Records from a data source
══════════

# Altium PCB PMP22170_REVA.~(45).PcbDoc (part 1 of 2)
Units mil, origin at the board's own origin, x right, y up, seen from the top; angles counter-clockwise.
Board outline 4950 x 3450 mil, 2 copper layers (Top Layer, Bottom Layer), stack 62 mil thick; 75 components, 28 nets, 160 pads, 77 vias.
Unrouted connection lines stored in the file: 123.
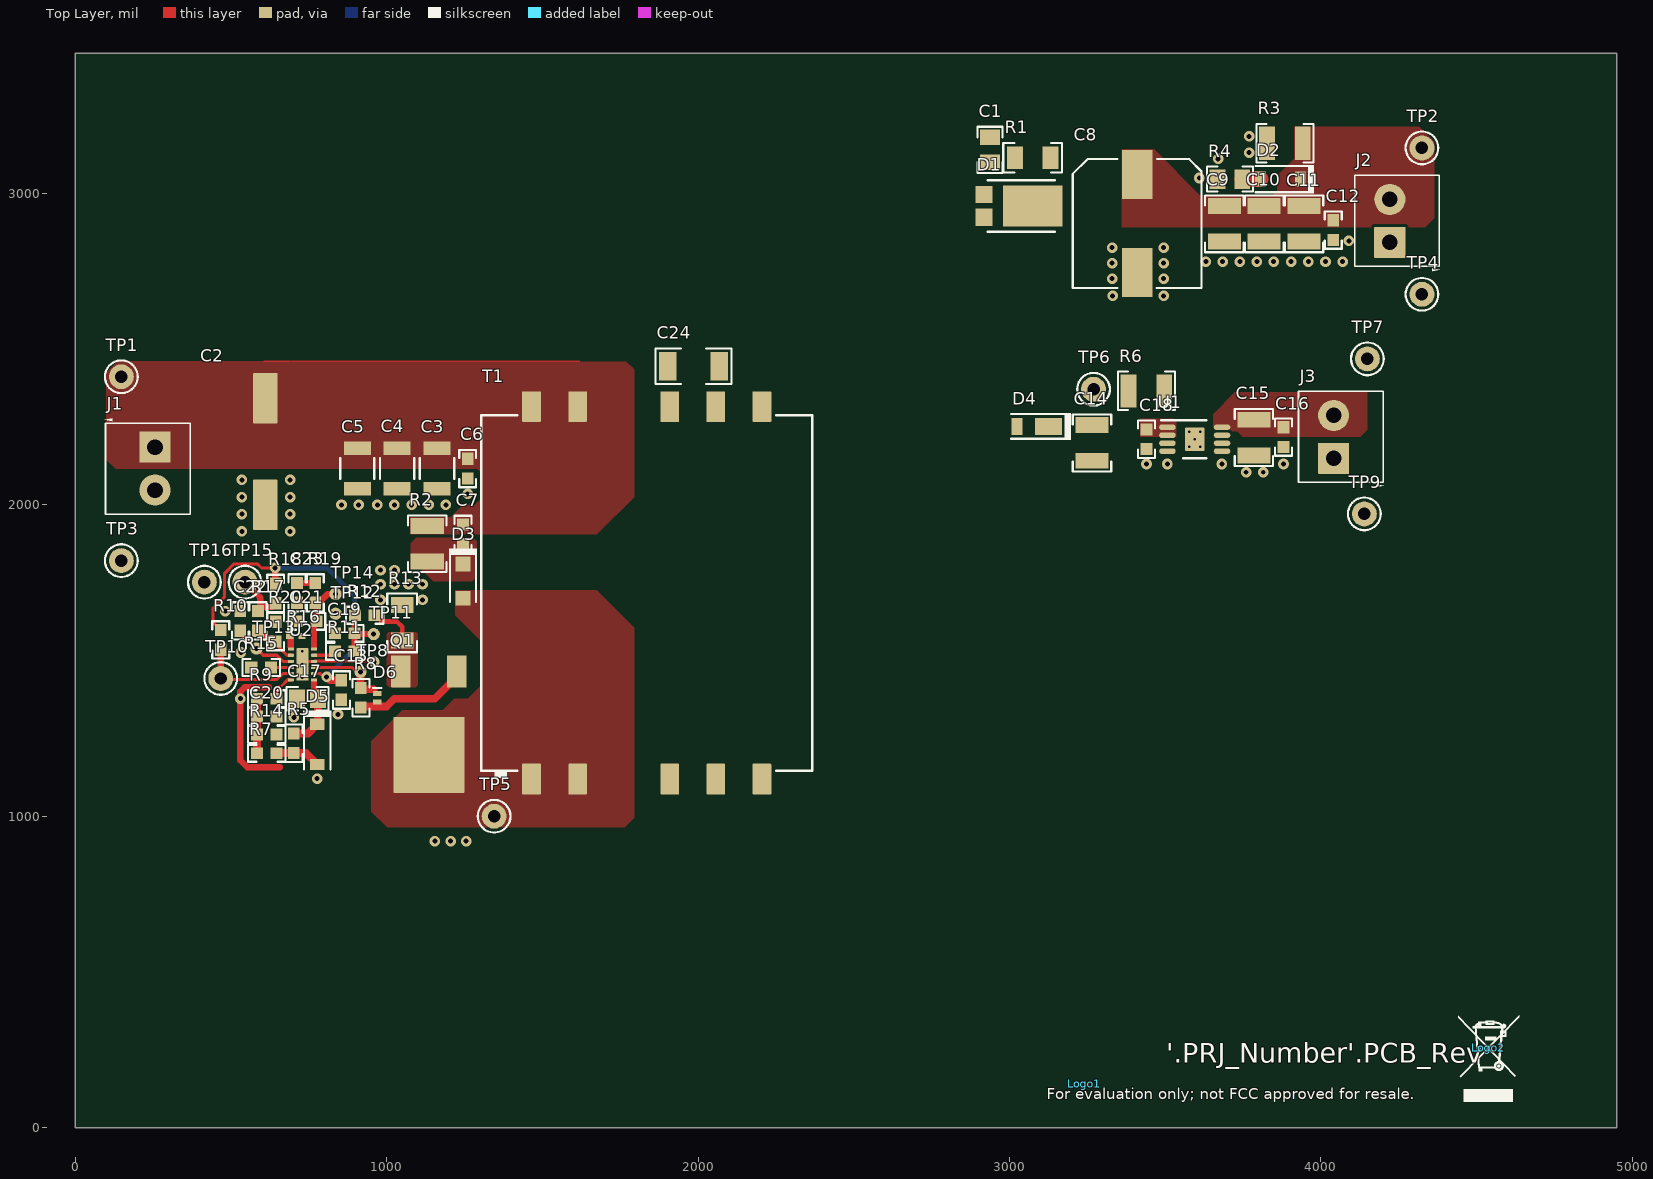
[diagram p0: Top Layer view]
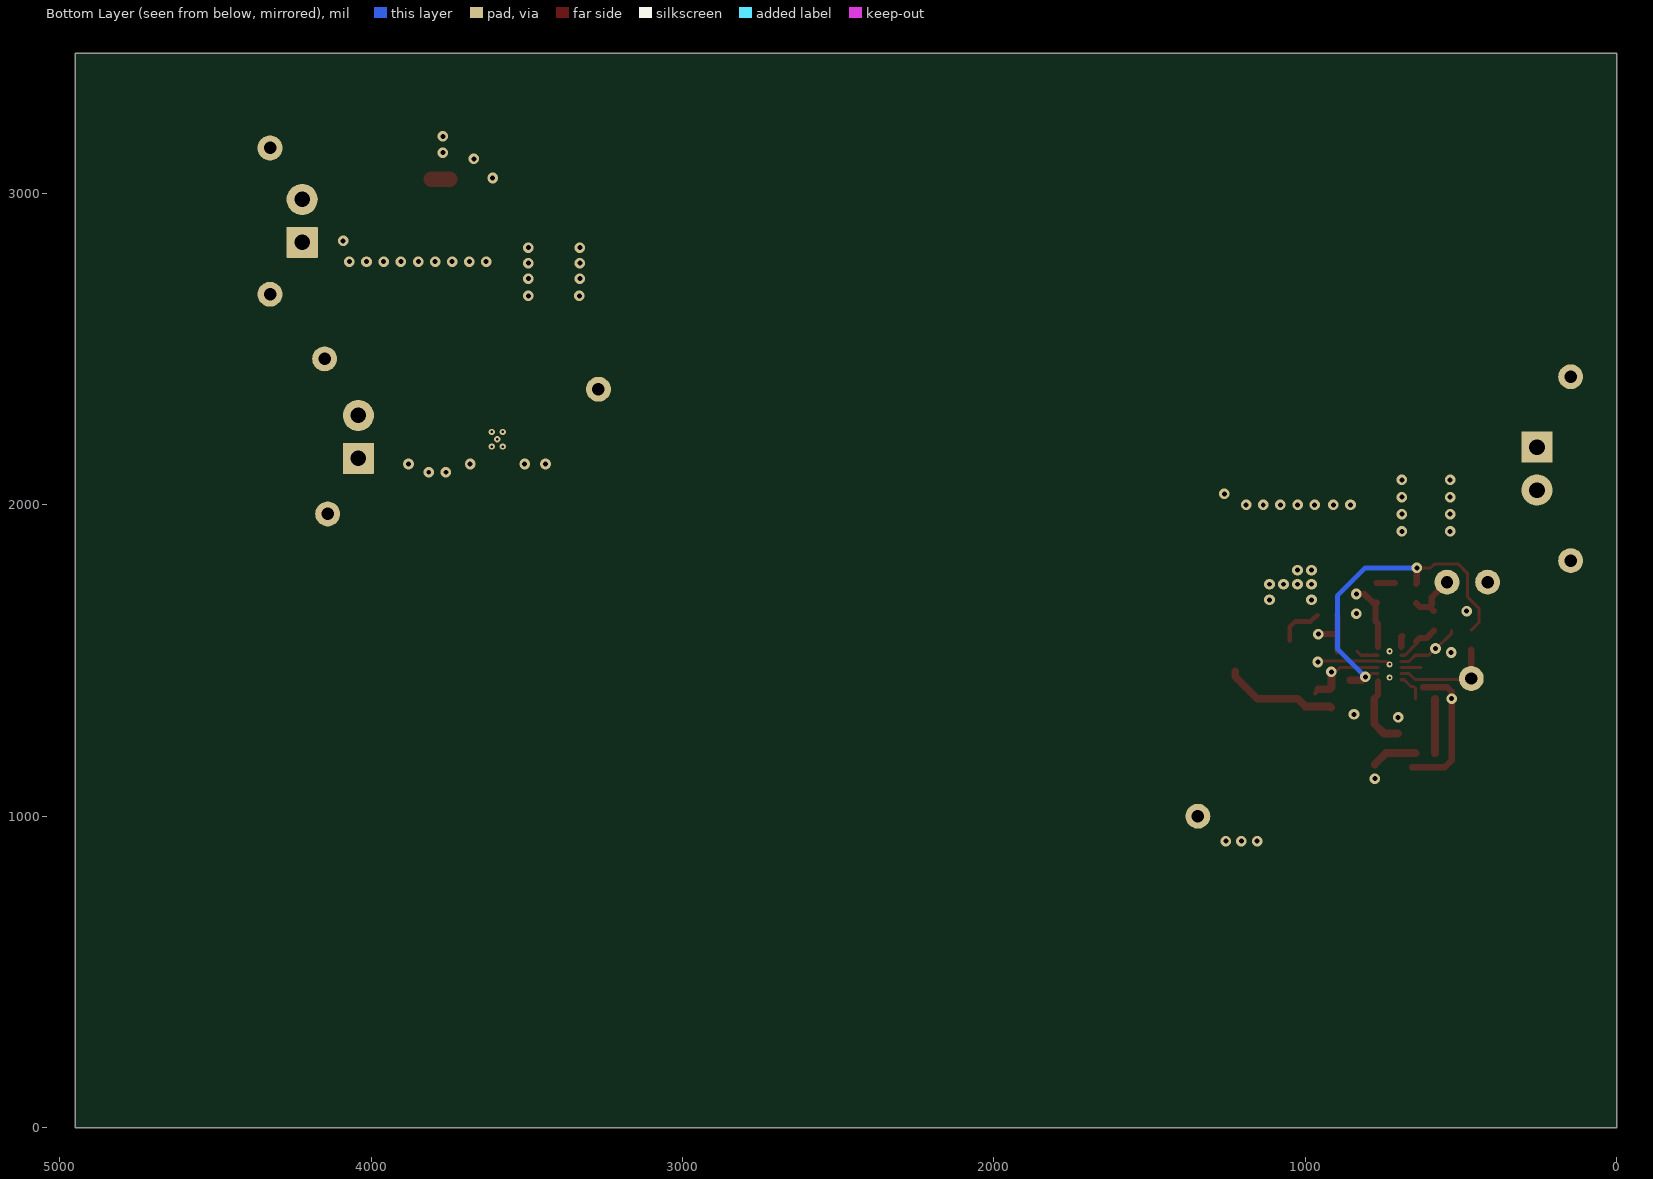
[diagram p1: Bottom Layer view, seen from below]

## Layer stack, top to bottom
Top Solder: solder mask 0.4, Solder Resist, Dk 3.5
Top Layer: signal copper 1.4
Dielectric1: core 59.2, FR-4, Dk 4.8
Bottom Layer: signal copper 1.4
Bottom Solder: solder mask 0.4, Solder Resist, Dk 3.5

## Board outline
0,0 4950,0 4950,3450 0,3450

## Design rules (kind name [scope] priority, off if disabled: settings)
AcuteAngle [All] p1: minimum=4.50000000000000E+0001 checktracksonly=FALSE
AssemblyTestPointUsage [All] p1: valid=2
BoardOutlineClearance BoardOutlineClearance_MountingHoles [OnCopper and InComponentClass('Mounting Holes')] p1: gap=39.37 ignorepadtopadclearanceinfootprint=FALSE
BoardOutlineClearance BoardOutlineClearance_Poly [OnCopper and IsPoly] p2: gap=25 ignorepadtopadclearanceinfootprint=FALSE
BoardOutlineClearance [OnCopper and Not InComponentClass('Logo') and not InComponentClass('FiducialMark') and not InRegion(1000,500,4000,800) and not InPoly] p3: gap=50 ignorepadtopadclearanceinfootprint=FALSE
Clearance Clearance_Keepouts [((IsTrack Or IsArc) And Not InPoly) And IsFree and IsKeepOut vs ((IsTrack Or IsArc) And Not InPoly) And IsFree and IsKeepOut] p1: gap=0 ignorepadtopadclearanceinfootprint=FALSE
Clearance Clearance_Poly [InPolygon] p2: gap=10 ignorepadtopadclearanceinfootprint=TRUE
Clearance Clearance_FiducialMark [IsKeepOut and InComponentClass('FiducialMark') vs IsPad and InComponentClass('FiducialMark')] p3: gap=0 ignorepadtopadclearanceinfootprint=FALSE
Clearance [All] p4: gap=7.87 ignorepadtopadclearanceinfootprint=TRUE
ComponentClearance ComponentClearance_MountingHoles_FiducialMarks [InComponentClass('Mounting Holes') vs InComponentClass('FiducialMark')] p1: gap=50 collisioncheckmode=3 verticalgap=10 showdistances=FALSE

══════════

**What to work on**:
Begin at the first line of the records. Print every line through the one containing "[diagram p1: Bottom" exactly, but skip the pictures.

**Exercise output**:
# Altium PCB PMP22170_REVA.~(45).PcbDoc (part 1 of 2)
Units mil, origin at the board's own origin, x right, y up, seen from the top; angles counter-clockwise.
Board outline 4950 x 3450 mil, 2 copper layers (Top Layer, Bottom Layer), stack 62 mil thick; 75 components, 28 nets, 160 pads, 77 vias.
Unrouted connection lines stored in the file: 123.
[diagram p0: Top Layer view]
[diagram p1: Bottom Layer view, seen from below]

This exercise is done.